__Assignment__.
In the material below, find the line with "Catalogue drawing of" and the line with "Manufacturer's drawing of". Output exactly those two lines and all lines between them, leaving out pictures.

__Task input__.
• • •
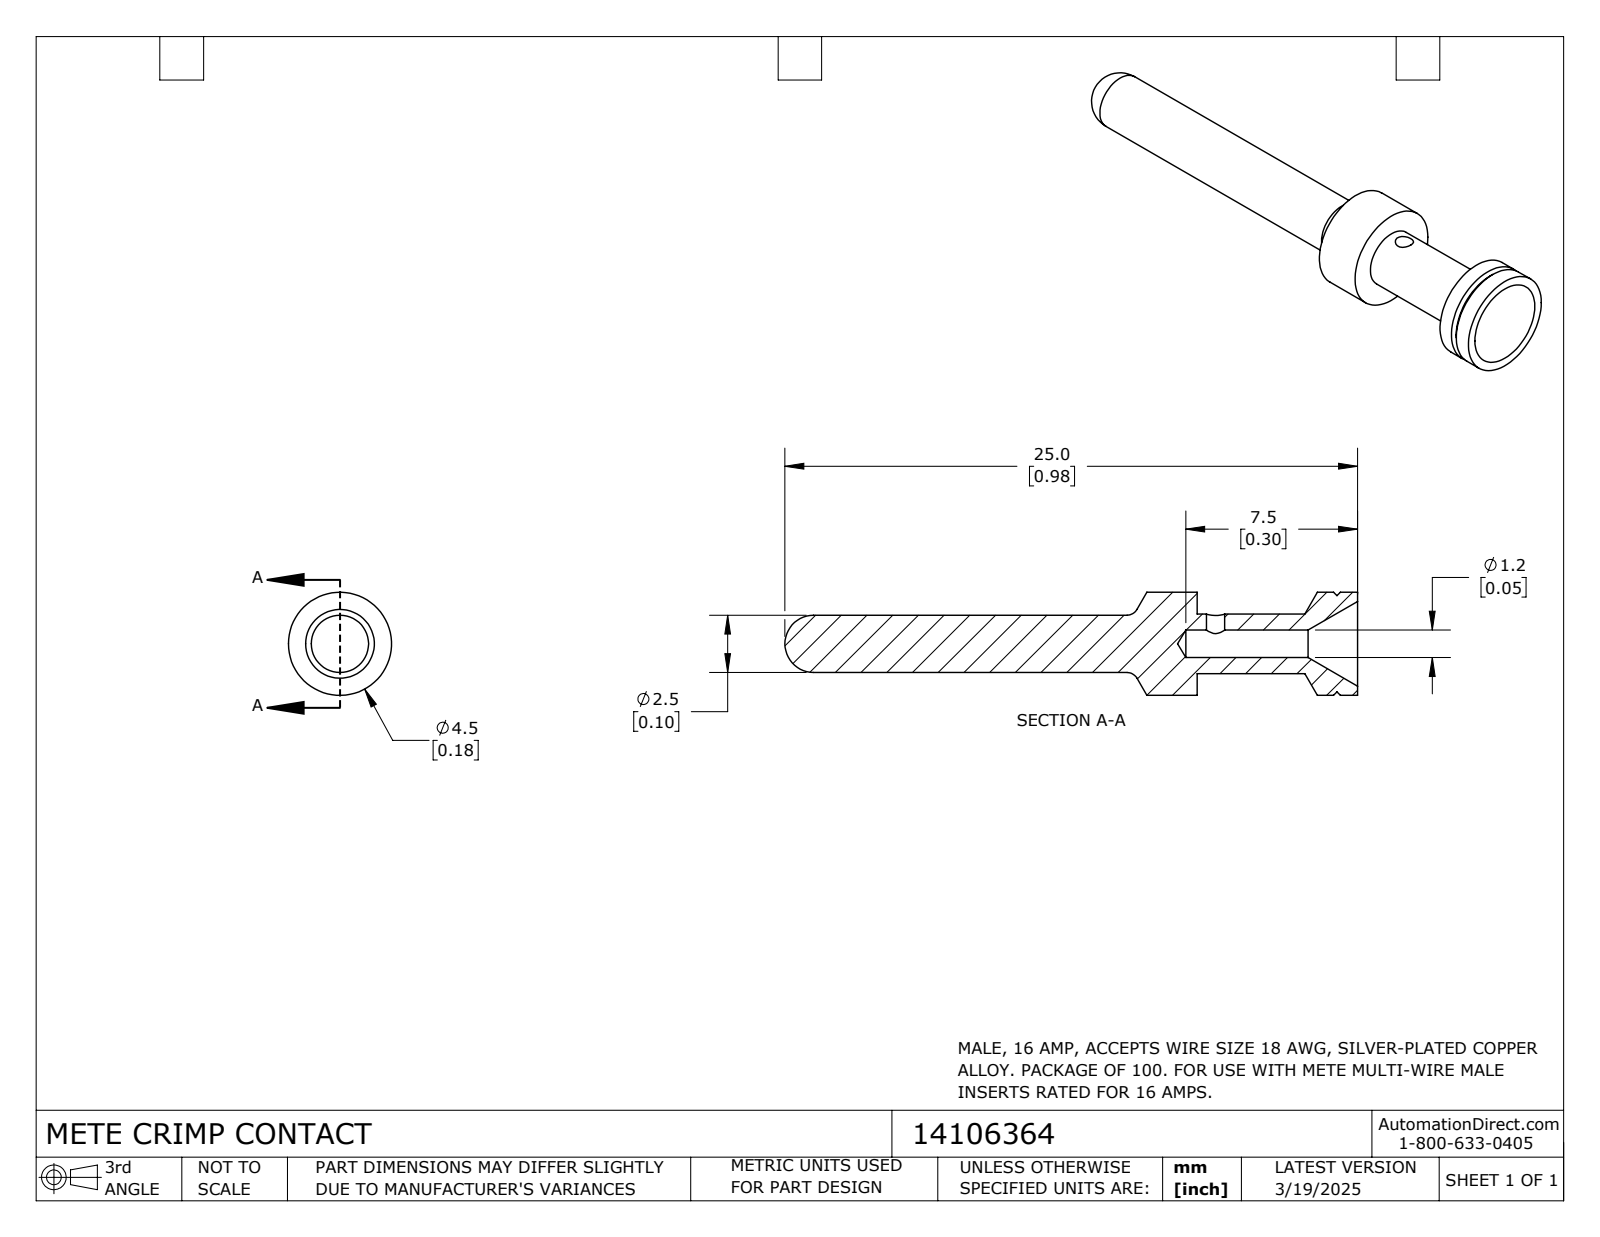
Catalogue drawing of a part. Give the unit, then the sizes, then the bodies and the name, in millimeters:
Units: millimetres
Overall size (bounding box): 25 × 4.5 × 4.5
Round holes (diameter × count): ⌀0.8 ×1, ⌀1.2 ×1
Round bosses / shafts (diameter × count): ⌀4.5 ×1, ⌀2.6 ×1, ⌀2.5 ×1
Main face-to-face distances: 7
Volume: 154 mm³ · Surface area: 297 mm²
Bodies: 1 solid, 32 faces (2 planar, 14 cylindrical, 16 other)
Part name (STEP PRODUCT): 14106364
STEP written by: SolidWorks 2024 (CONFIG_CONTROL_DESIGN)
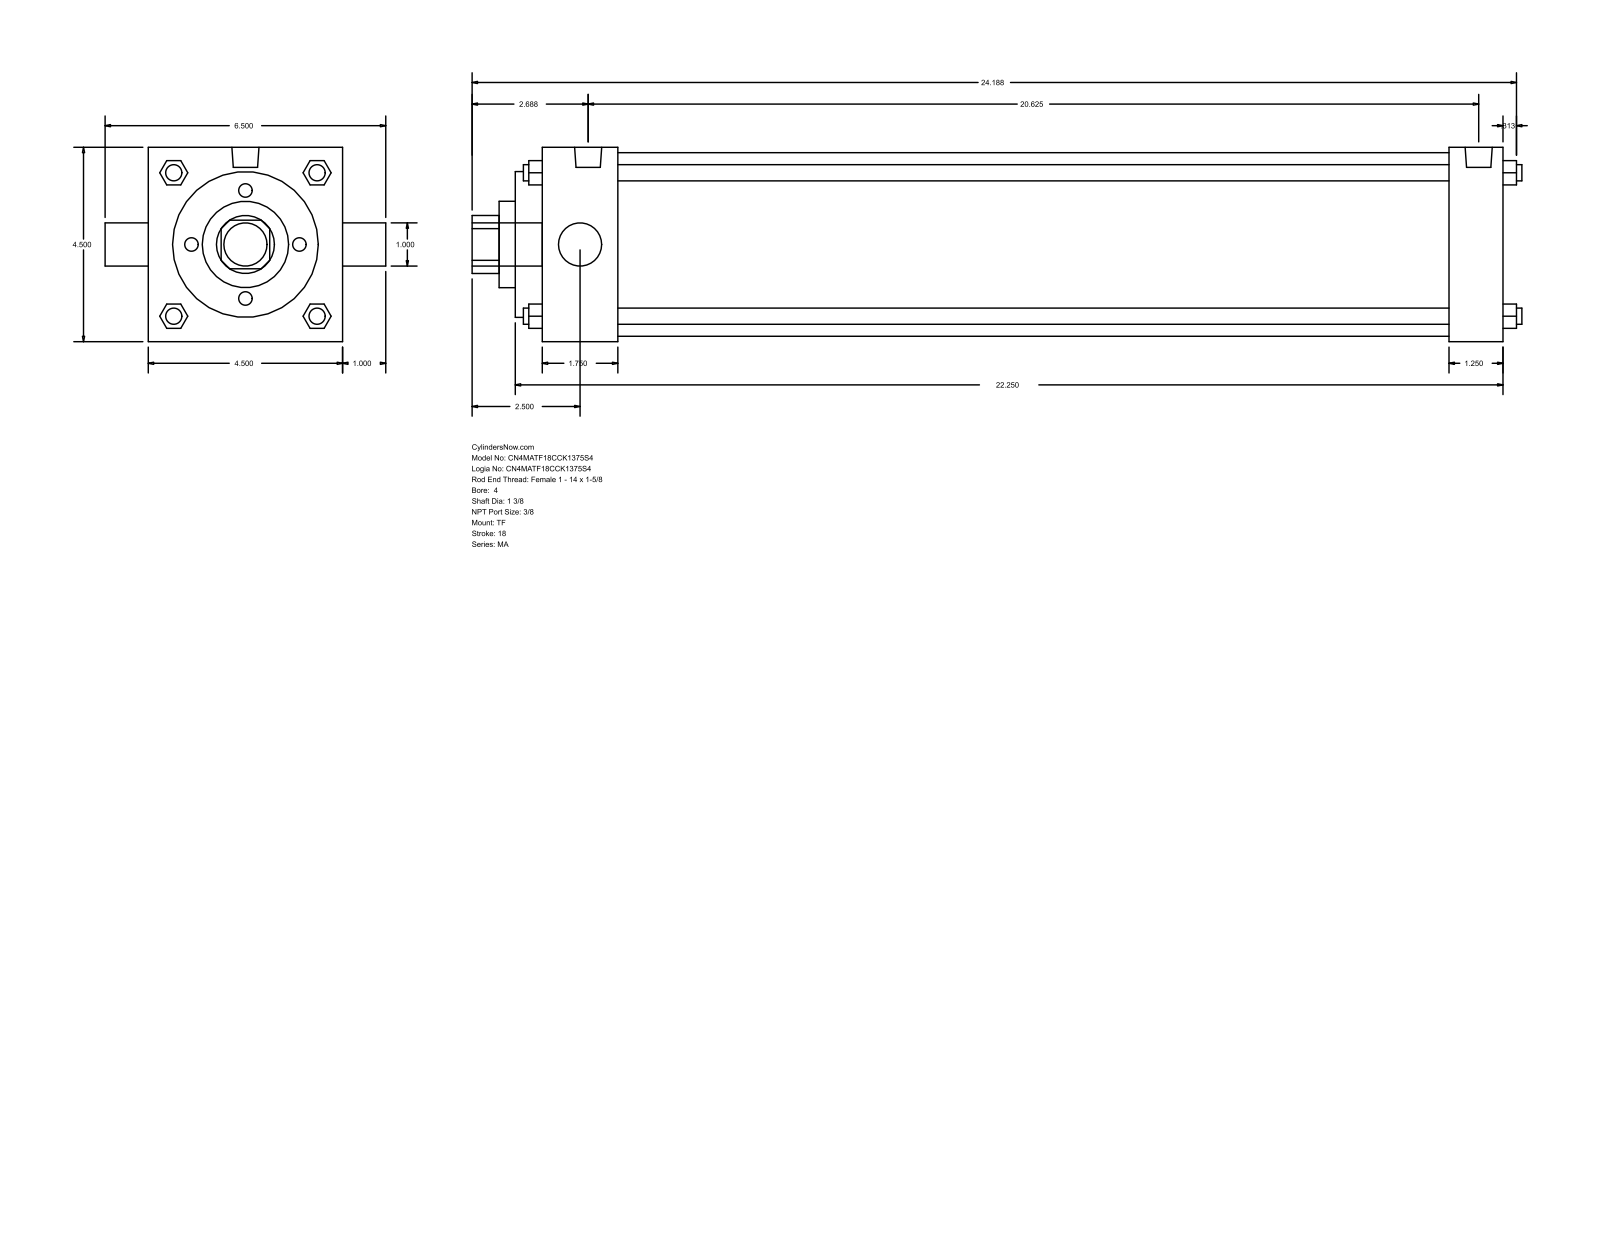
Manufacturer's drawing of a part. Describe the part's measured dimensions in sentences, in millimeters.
• • •
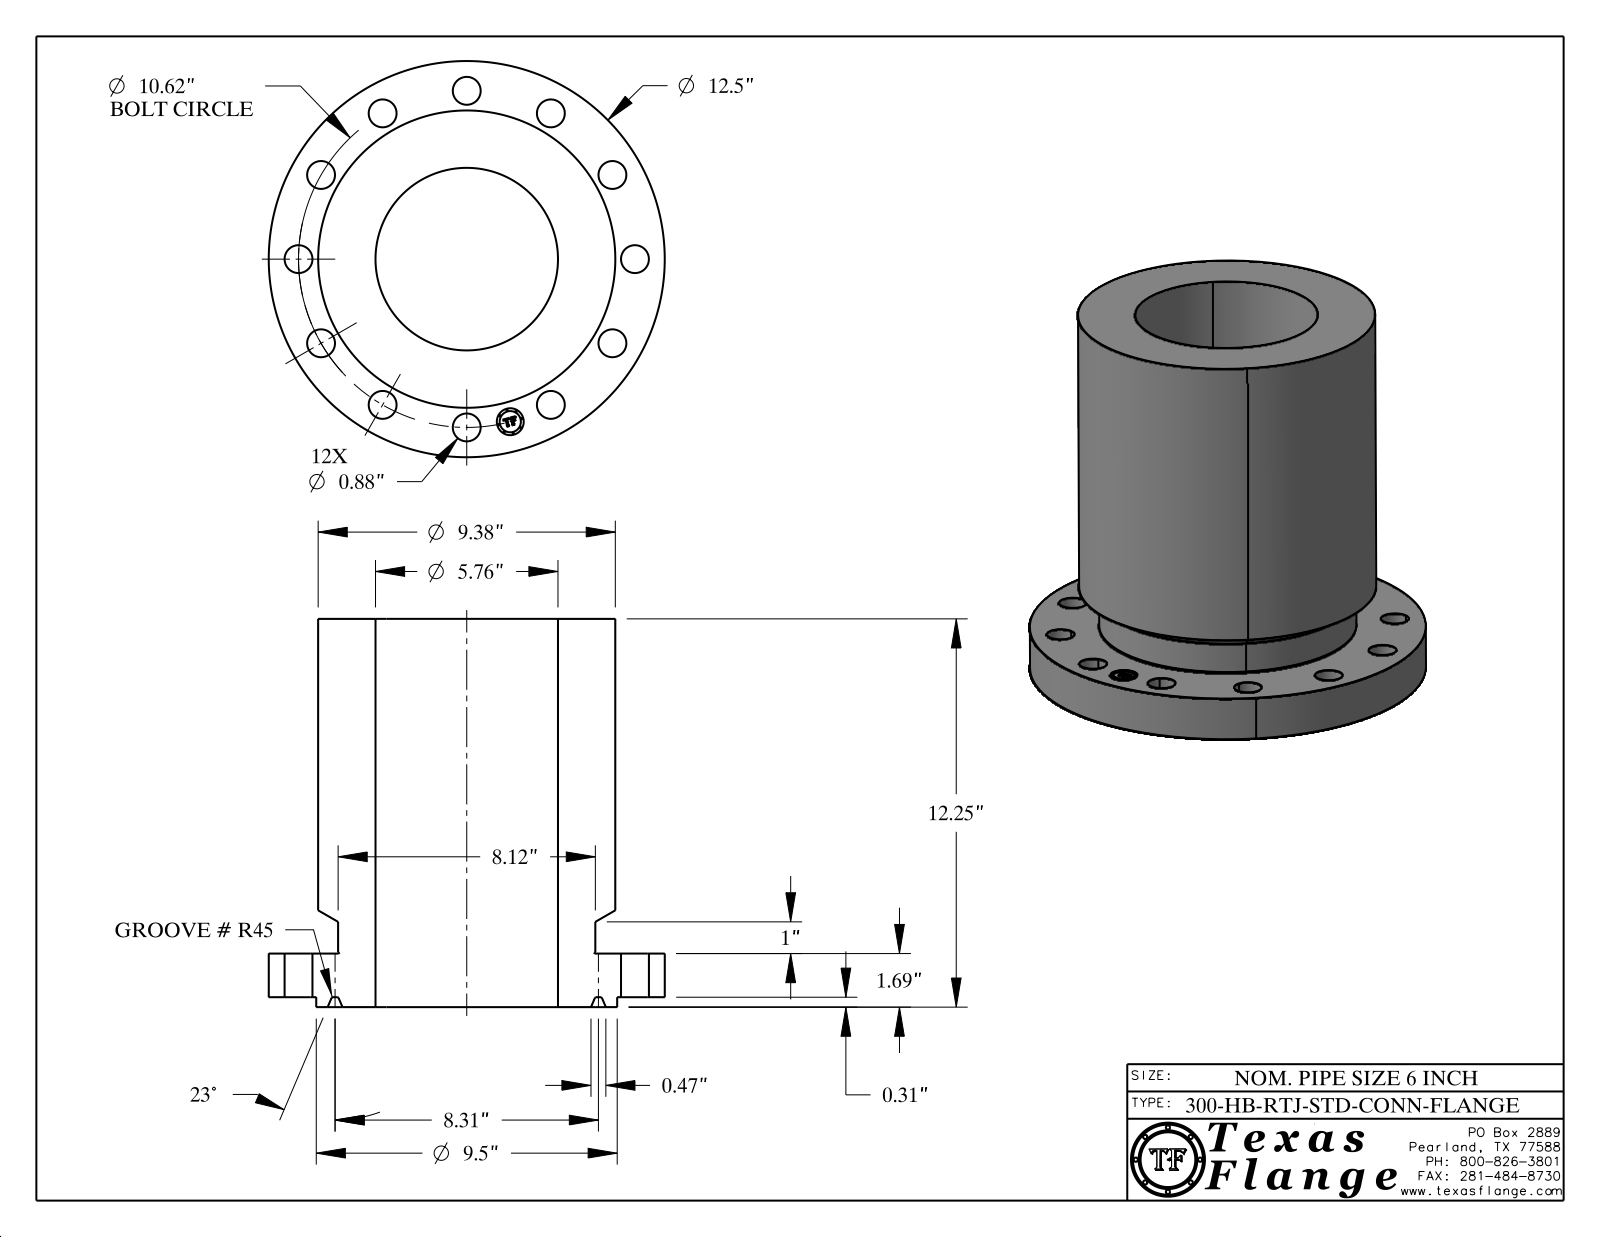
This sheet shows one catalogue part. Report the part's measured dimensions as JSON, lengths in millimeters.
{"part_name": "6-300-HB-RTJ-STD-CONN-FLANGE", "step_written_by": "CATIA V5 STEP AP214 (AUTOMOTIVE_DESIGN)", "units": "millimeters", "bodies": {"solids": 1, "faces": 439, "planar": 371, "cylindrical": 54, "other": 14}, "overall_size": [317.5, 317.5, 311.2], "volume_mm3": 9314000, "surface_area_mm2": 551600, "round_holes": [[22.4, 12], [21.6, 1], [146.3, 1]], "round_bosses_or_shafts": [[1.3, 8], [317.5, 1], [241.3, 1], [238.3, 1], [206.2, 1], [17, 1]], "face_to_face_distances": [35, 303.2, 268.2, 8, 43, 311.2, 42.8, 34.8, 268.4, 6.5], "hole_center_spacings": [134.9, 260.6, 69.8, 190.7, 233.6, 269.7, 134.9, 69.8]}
• • •
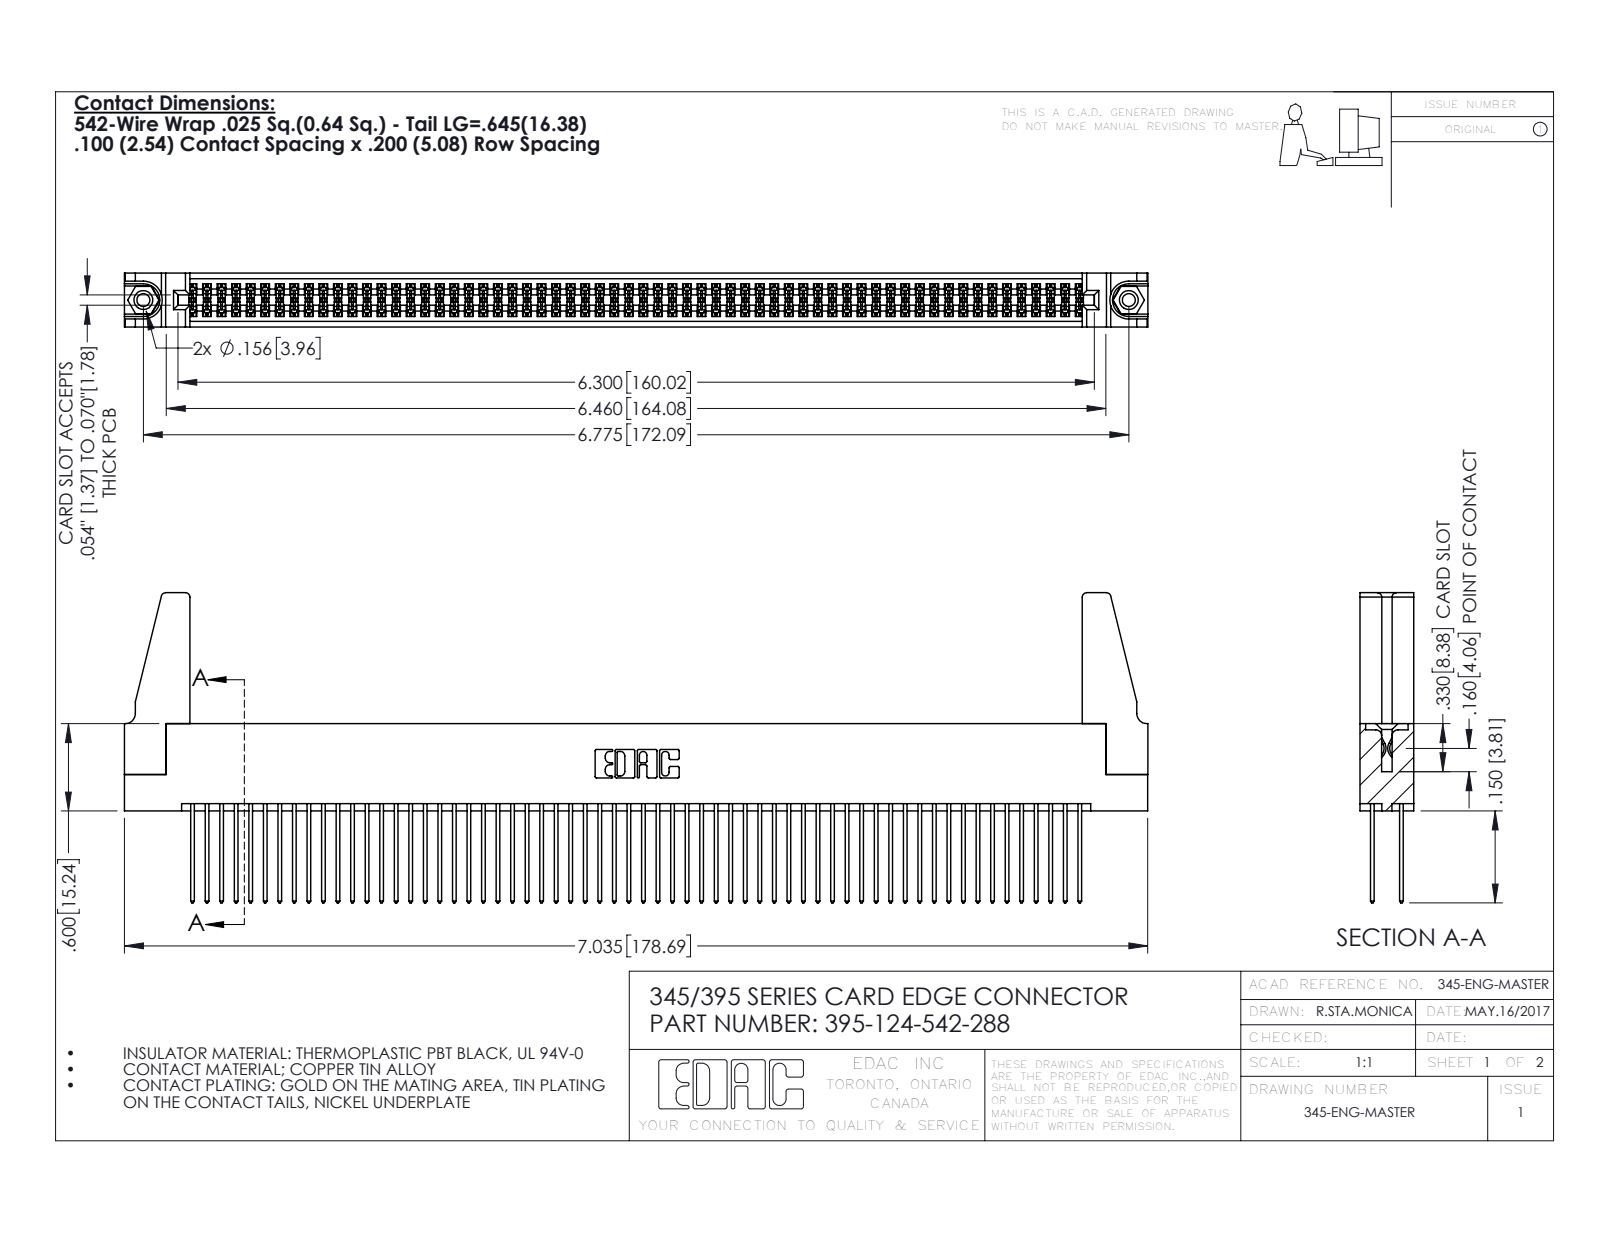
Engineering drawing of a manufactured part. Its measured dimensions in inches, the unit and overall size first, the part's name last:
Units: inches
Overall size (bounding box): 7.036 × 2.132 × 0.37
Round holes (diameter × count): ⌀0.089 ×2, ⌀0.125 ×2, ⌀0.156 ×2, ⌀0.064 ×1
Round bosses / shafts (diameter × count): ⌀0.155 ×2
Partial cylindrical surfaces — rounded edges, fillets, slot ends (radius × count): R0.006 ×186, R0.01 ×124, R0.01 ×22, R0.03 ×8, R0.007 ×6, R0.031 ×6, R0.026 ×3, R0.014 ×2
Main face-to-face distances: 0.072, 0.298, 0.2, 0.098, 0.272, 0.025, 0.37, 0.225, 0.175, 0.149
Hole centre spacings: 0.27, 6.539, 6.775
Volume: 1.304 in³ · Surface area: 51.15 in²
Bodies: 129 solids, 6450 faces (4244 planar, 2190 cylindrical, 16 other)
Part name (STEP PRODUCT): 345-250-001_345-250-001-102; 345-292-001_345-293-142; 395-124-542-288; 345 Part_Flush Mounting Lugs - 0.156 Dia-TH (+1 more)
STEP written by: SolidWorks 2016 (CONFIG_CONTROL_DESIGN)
• • •
__Result of the task__.
Catalogue drawing of a part. Give the unit, then the sizes, then the bodies and the name, in millimeters:
Units: millimetres
Overall size (bounding box): 25 × 4.5 × 4.5
Round holes (diameter × count): ⌀0.8 ×1, ⌀1.2 ×1
Round bosses / shafts (diameter × count): ⌀4.5 ×1, ⌀2.6 ×1, ⌀2.5 ×1
Main face-to-face distances: 7
Volume: 154 mm³ · Surface area: 297 mm²
Bodies: 1 solid, 32 faces (2 planar, 14 cylindrical, 16 other)
Part name (STEP PRODUCT): 14106364
STEP written by: SolidWorks 2024 (CONFIG_CONTROL_DESIGN)
Manufacturer's drawing of a part. Describe the part's measured dimensions in sentences, in millimeters.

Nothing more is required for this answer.